Proceedings of International Conference on Hybrid and Organic Photovoltaics (HOPV18)
DOI: https://doi.org/10.29363/nanoge.hopv.2018.018
Publication date: 21st February 2018
Organometallic halide perovskites are promising materials for thin-film photovoltaics, with achieved efficiencies over 20% at lab-scale. For promoting the use of perovskite solar cells (PSCs) in practical applications, it is essential to achieve an upscaling route, which ensures environment-friendly processing of stable and highly efficient PSCs. Here, we report on the upscaling of sheet-to-sheet (S2S) slot-die processing of PSCs, heading towards the roll-to-roll (R2R) production. Results demonstrated that S2S processing of planar n-i-p PSCs on 152x152 mm2 substrates exhibited similar stability and efficiency as small area PSCs.
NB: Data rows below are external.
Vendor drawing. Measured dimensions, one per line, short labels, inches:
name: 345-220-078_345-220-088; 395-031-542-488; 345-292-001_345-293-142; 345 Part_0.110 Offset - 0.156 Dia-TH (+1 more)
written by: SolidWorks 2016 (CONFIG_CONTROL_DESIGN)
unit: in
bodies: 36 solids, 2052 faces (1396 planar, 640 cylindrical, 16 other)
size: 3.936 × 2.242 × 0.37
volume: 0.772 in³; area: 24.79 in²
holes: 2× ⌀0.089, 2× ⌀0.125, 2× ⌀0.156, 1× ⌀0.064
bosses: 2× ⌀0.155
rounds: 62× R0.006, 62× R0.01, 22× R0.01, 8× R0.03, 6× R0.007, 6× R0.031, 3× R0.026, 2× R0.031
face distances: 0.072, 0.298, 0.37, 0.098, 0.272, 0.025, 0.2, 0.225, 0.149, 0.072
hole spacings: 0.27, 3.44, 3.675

We also demonstrate the initial results from S2S processed p-i-n PSCs and R2R processes flexible n-i-p PSCs.
S2S slot-die coating of 152x152 mm2 Glass/ITO substrates produced 64 cells with 0.16 mm2 area, and single large area modules. For the latter, laser patterning of 250 µm wide interconnections was implemented. For the n-i-p structure, SnO2-NPs, a triple-cation (Cs-MA-FA) lead perovskite, and Spiro-OMeTAD have been slot die coated as ETL, active layer, and as HTM, respectively. The control of the perovskite crystallization/drying was achieved by vacuum quenching. The small area cells processed by slot-die coating resulted in stabilized PCE of 14.5% with a yield above 95%. Laser patterned large area modules processed by the same recipe demonstrated a stabilized PCE of 13.8% on aperture area and 14.5% on active area. These efficiencies are comparable to the efficiencies obtained from spin-coated cells with 0.16 mm2 area demonstrating the feasibility of upscaling.
For the p-i-n structure, NiO-NPs, triple-cation lead perovskite, and PCBM/ZnO layers have been slot-die coated as HTM, active layer and as ETL, respectively. The average PCE of 64 cells with 0.16 mm2 area was 12%, with a spread of efficiencies among the cells. This observed value is lower than the PCE of spin-coated cells (14%). Further optimization on the ETL and HTM (smooth, pinhole-free layers, improved wettability during coating) needs to be done in order to improve the quality of these layers to reach higher PCE values.
For the R2R processing of flexible PSCs, the same n-i-p stack presented above (with dual-cation perovskite, Cs-FA) was processed on a 30 cm wide PET/ITO foil at a speed of 5 m/min. The control of the perovskite coating and crystallization on R2R was instrumental to fabricate flexible PSC with PCE up to 16%. This result represent an important step towards the large area processing of flexible PSCs.